> WORK TO BE COMPLETED:
Images are to be left out when the records below are printed word for word.

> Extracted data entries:
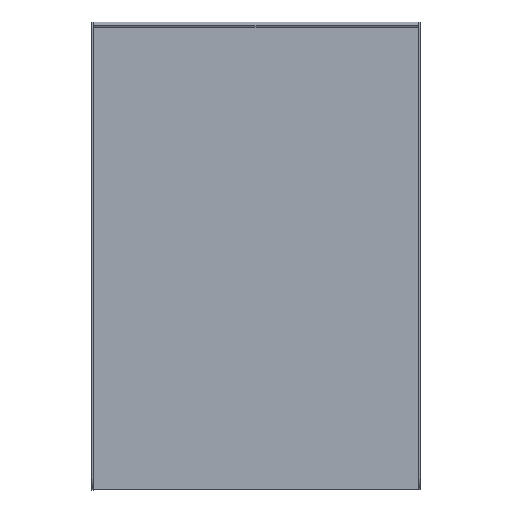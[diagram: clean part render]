
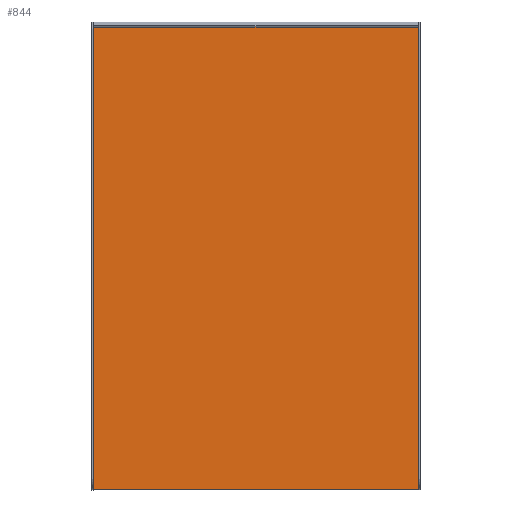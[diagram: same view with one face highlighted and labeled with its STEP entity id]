
A CAD part, front view. The second image highlights one B-rep face of the part: STEP entity #844.
In plain terms, the highlighted planar face has unit normal (0, -1, 0).
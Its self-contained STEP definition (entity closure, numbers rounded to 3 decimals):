
#13 = ORIENTED_EDGE ( 'NONE', *, *, #56, .F. ) ;
#34 = VERTEX_POINT ( 'NONE', #258 ) ;
#47 = CARTESIAN_POINT ( 'NONE',  ( -497., 0., 347. ) ) ;
#56 = EDGE_CURVE ( 'NONE', #1860, #814, #272, .T. ) ;
#92 = DIRECTION ( 'NONE',  ( -1., 0., 0. ) ) ;
#124 = VERTEX_POINT ( 'NONE', #1442 ) ;
#168 = CARTESIAN_POINT ( 'NONE',  ( 497., 0., 347. ) ) ;
#179 = VECTOR ( 'NONE', #92, 1000. ) ;
#258 = CARTESIAN_POINT ( 'NONE',  ( -497., 0., 347. ) ) ;
#272 = LINE ( 'NONE', #1111, #179 ) ;
#304 = EDGE_CURVE ( 'NONE', #34, #124, #999, .T. ) ;
#305 = VECTOR ( 'NONE', #737, 1000. ) ;
#346 = DIRECTION ( 'NONE',  ( 0., 0., 1. ) ) ;
#379 = EDGE_CURVE ( 'NONE', #124, #1860, #458, .T. ) ;
#458 = LINE ( 'NONE', #168, #305 ) ;
#482 = DIRECTION ( 'NONE',  ( 0., -1., 0. ) ) ;
#486 = ORIENTED_EDGE ( 'NONE', *, *, #379, .F. ) ;
#617 = DIRECTION ( 'NONE',  ( 0., 0., -1. ) ) ;
#737 = DIRECTION ( 'NONE',  ( 0., 0., -1. ) ) ;
#750 = VECTOR ( 'NONE', #346, 1000. ) ;
#763 = CARTESIAN_POINT ( 'NONE',  ( 497., 0., -347. ) ) ;
#814 = VERTEX_POINT ( 'NONE', #1495 ) ;
#844 = ADVANCED_FACE ( 'NONE', ( #1211 ), #1795, .T. ) ;
#872 = CARTESIAN_POINT ( 'NONE',  ( -497., 0., 347. ) ) ;
#874 = ORIENTED_EDGE ( 'NONE', *, *, #1032, .F. ) ;
#999 = LINE ( 'NONE', #872, #1123 ) ;
#1032 = EDGE_CURVE ( 'NONE', #814, #34, #1499, .T. ) ;
#1036 = CARTESIAN_POINT ( 'NONE',  ( 0., 0., 0. ) ) ;
#1111 = CARTESIAN_POINT ( 'NONE',  ( -497., 0., -347. ) ) ;
#1123 = VECTOR ( 'NONE', #1295, 1000. ) ;
#1211 = FACE_OUTER_BOUND ( 'NONE', #1594, .T. ) ;
#1295 = DIRECTION ( 'NONE',  ( 1., 0., 0. ) ) ;
#1442 = CARTESIAN_POINT ( 'NONE',  ( 497., 0., 347. ) ) ;
#1495 = CARTESIAN_POINT ( 'NONE',  ( -497., 0., -347. ) ) ;
#1499 = LINE ( 'NONE', #47, #750 ) ;
#1578 = ORIENTED_EDGE ( 'NONE', *, *, #304, .F. ) ;
#1594 = EDGE_LOOP ( 'NONE', ( #486, #1578, #874, #13 ) ) ;
#1669 = AXIS2_PLACEMENT_3D ( 'NONE', #1036, #482, #617 ) ;
#1795 = PLANE ( 'NONE',  #1669 ) ;
#1860 = VERTEX_POINT ( 'NONE', #763 ) ;

> RESULT OF THIS TASK:
[diagram: clean part render]
[diagram: same view with one face highlighted and labeled with its STEP entity id]
A CAD part, front view. The second image highlights one B-rep face of the part: STEP entity #844.
In plain terms, the highlighted planar face has unit normal (0, -1, 0).
Its self-contained STEP definition (entity closure, numbers rounded to 3 decimals):
#13 = ORIENTED_EDGE ( 'NONE', *, *, #56, .F. ) ;
#34 = VERTEX_POINT ( 'NONE', #258 ) ;
#47 = CARTESIAN_POINT ( 'NONE',  ( -497., 0., 347. ) ) ;
#56 = EDGE_CURVE ( 'NONE', #1860, #814, #272, .T. ) ;
#92 = DIRECTION ( 'NONE',  ( -1., 0., 0. ) ) ;
#124 = VERTEX_POINT ( 'NONE', #1442 ) ;
#168 = CARTESIAN_POINT ( 'NONE',  ( 497., 0., 347. ) ) ;
#179 = VECTOR ( 'NONE', #92, 1000. ) ;
#258 = CARTESIAN_POINT ( 'NONE',  ( -497., 0., 347. ) ) ;
#272 = LINE ( 'NONE', #1111, #179 ) ;
#304 = EDGE_CURVE ( 'NONE', #34, #124, #999, .T. ) ;
#305 = VECTOR ( 'NONE', #737, 1000. ) ;
#346 = DIRECTION ( 'NONE',  ( 0., 0., 1. ) ) ;
#379 = EDGE_CURVE ( 'NONE', #124, #1860, #458, .T. ) ;
#458 = LINE ( 'NONE', #168, #305 ) ;
#482 = DIRECTION ( 'NONE',  ( 0., -1., 0. ) ) ;
#486 = ORIENTED_EDGE ( 'NONE', *, *, #379, .F. ) ;
#617 = DIRECTION ( 'NONE',  ( 0., 0., -1. ) ) ;
#737 = DIRECTION ( 'NONE',  ( 0., 0., -1. ) ) ;
#750 = VECTOR ( 'NONE', #346, 1000. ) ;
#763 = CARTESIAN_POINT ( 'NONE',  ( 497., 0., -347. ) ) ;
#814 = VERTEX_POINT ( 'NONE', #1495 ) ;
#844 = ADVANCED_FACE ( 'NONE', ( #1211 ), #1795, .T. ) ;
#872 = CARTESIAN_POINT ( 'NONE',  ( -497., 0., 347. ) ) ;
#874 = ORIENTED_EDGE ( 'NONE', *, *, #1032, .F. ) ;
#999 = LINE ( 'NONE', #872, #1123 ) ;
#1032 = EDGE_CURVE ( 'NONE', #814, #34, #1499, .T. ) ;
#1036 = CARTESIAN_POINT ( 'NONE',  ( 0., 0., 0. ) ) ;
#1111 = CARTESIAN_POINT ( 'NONE',  ( -497., 0., -347. ) ) ;
#1123 = VECTOR ( 'NONE', #1295, 1000. ) ;
#1211 = FACE_OUTER_BOUND ( 'NONE', #1594, .T. ) ;
#1295 = DIRECTION ( 'NONE',  ( 1., 0., 0. ) ) ;
#1442 = CARTESIAN_POINT ( 'NONE',  ( 497., 0., 347. ) ) ;
#1495 = CARTESIAN_POINT ( 'NONE',  ( -497., 0., -347. ) ) ;
#1499 = LINE ( 'NONE', #47, #750 ) ;
#1578 = ORIENTED_EDGE ( 'NONE', *, *, #304, .F. ) ;
#1594 = EDGE_LOOP ( 'NONE', ( #486, #1578, #874, #13 ) ) ;
#1669 = AXIS2_PLACEMENT_3D ( 'NONE', #1036, #482, #617 ) ;
#1795 = PLANE ( 'NONE',  #1669 ) ;
#1860 = VERTEX_POINT ( 'NONE', #763 ) ;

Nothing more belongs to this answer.